Humans may need to ‘wait for decades’ to see the results of large emission cuts on global surface temperatures, scientists have said.
Researchers in Norway used computer simulations to analyse various scenarios that looked at the effects of rapid reductions in several types of greenhouse gas emissions, such as carbon dioxide (CO2), methane and black carbon.
They found that although large-scale emission cuts are needed to achieve the global climate goals, it may take decades before the effects of the reductions on temperatures can be measured.
The researchers estimated that even for the most optimistic scenarios, it will take at least 15 years to establish the impact of emission cuts on global warming.
Bjorn H Samset, of the Centre for International Climate and Environmental Research (Cicero) in Oslo, who is one of the authors of the study published in the journal Nature Communications, said: ‘Human-induced climate change can be compared with a tank ship at high speed and in big waves.
‘If you want the ship to slow down, you will put the engine in reverse, but it will take some time before you start noticing that the ship is moving more slowly.
‘It will also rock back and forth because of the waves.’
The Earth’s surface temperature has, on average, risen by 0.2C every 10 years over the last five decades.
Climate experts have attributed this rise in temperatures to human-induced emissions of greenhouse gases.

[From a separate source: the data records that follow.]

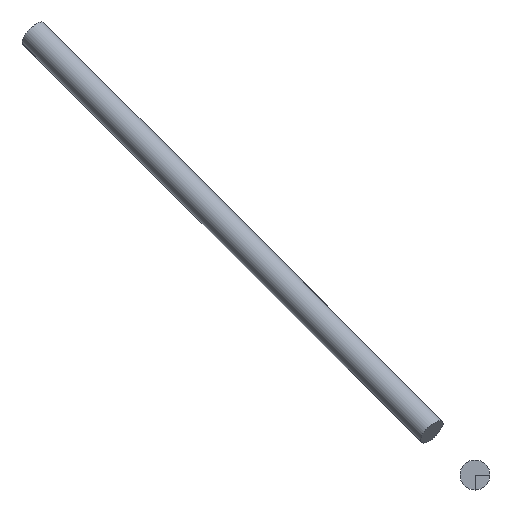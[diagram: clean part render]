
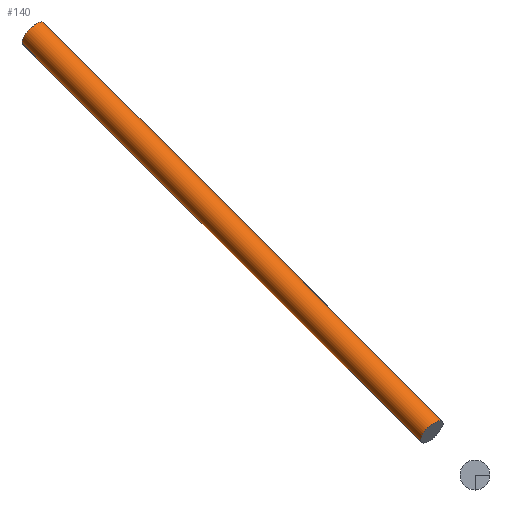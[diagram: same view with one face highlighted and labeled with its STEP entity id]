
A CAD part, front view. The second image highlights one B-rep face of the part: STEP entity #140.
In plain terms, the highlighted cylindrical face has radius 5 mm (diameter 10 mm), a full revolution.
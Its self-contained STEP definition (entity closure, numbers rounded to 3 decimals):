
#18=FACE_BOUND('',#45,.T.);
#21=CYLINDRICAL_SURFACE('',#174,5.);
#31=FACE_OUTER_BOUND('',#44,.T.);
#44=EDGE_LOOP('',(#106));
#45=EDGE_LOOP('',(#107));
#53=CIRCLE('',#173,5.);
#54=CIRCLE('',#175,5.);
#71=VERTEX_POINT('',#249);
#72=VERTEX_POINT('',#252);
#83=EDGE_CURVE('',#71,#71,#53,.T.);
#84=EDGE_CURVE('',#72,#72,#54,.T.);
#106=ORIENTED_EDGE('',*,*,#83,.T.);
#107=ORIENTED_EDGE('',*,*,#84,.T.);
#140=ADVANCED_FACE('',(#31,#18),#21,.T.);
#173=AXIS2_PLACEMENT_3D('',#250,#213,#214);
#174=AXIS2_PLACEMENT_3D('',#251,#215,#216);
#175=AXIS2_PLACEMENT_3D('',#253,#217,#218);
#213=DIRECTION('center_axis',(-0.655,0.378,0.655));
#214=DIRECTION('ref_axis',(0.716,0.586,0.378));
#215=DIRECTION('center_axis',(-0.655,0.378,0.655));
#216=DIRECTION('ref_axis',(0.716,0.586,0.378));
#217=DIRECTION('center_axis',(0.655,-0.378,-0.655));
#218=DIRECTION('ref_axis',(0.716,0.586,0.378));
#249=CARTESIAN_POINT('',(-237.44,-89.616,-152.032));
#250=CARTESIAN_POINT('Origin',(-233.858,-86.685,-150.142));
#251=CARTESIAN_POINT('Origin',(-300.305,-48.321,-83.695));
#252=CARTESIAN_POINT('',(-370.335,-12.89,-19.138));
#253=CARTESIAN_POINT('Origin',(-366.752,-9.958,-17.248));

Mr Samset said: ‘If we are to reach the Paris Agreement ambition of limiting global warming to no more than 2C – or less – the first step will be to slow down the warming process.’
Looking at various hypothetical emission reduction scenarios, the researchers found CO2 and methane to have the biggest impact on global warming.
Study author Jan S Fuglestvedt, also of Cicero, said: ‘If these emissions are reduced very strongly, we will see the effect quickly.
‘But if reductions follow more realistic pathways, it will unfortunately take longer.’
The team also analysed what would happen if air pollutant emissions such as sulphur dioxide (SO2) were reduced significantly and found that unlike soot, methane and CO2, cutting SO2 emissions would in fact speed up global warming.
Cicero’s Marianne T Lund, who is also one of the authors on the study, said: ‘SO2 turns into sulphate particles in the atmosphere, and they have a cooling effect because they reflect sunlight.’
Commenting on the research, Tim Palmer, Royal Society research professor at the University of Oxford, who was not involved in the study, said: ‘Fundamentally, these are not new results: just as we knew that it takes some time for the climate-change signal to emerge from the noise on the way up, we knew that it will take some time for a reduced climate change signal to emerge from the noise on the way down.
‘However, the authors have done an extensive investigation of this effect and, thus, we have a better quantification of the effect than we previously had.’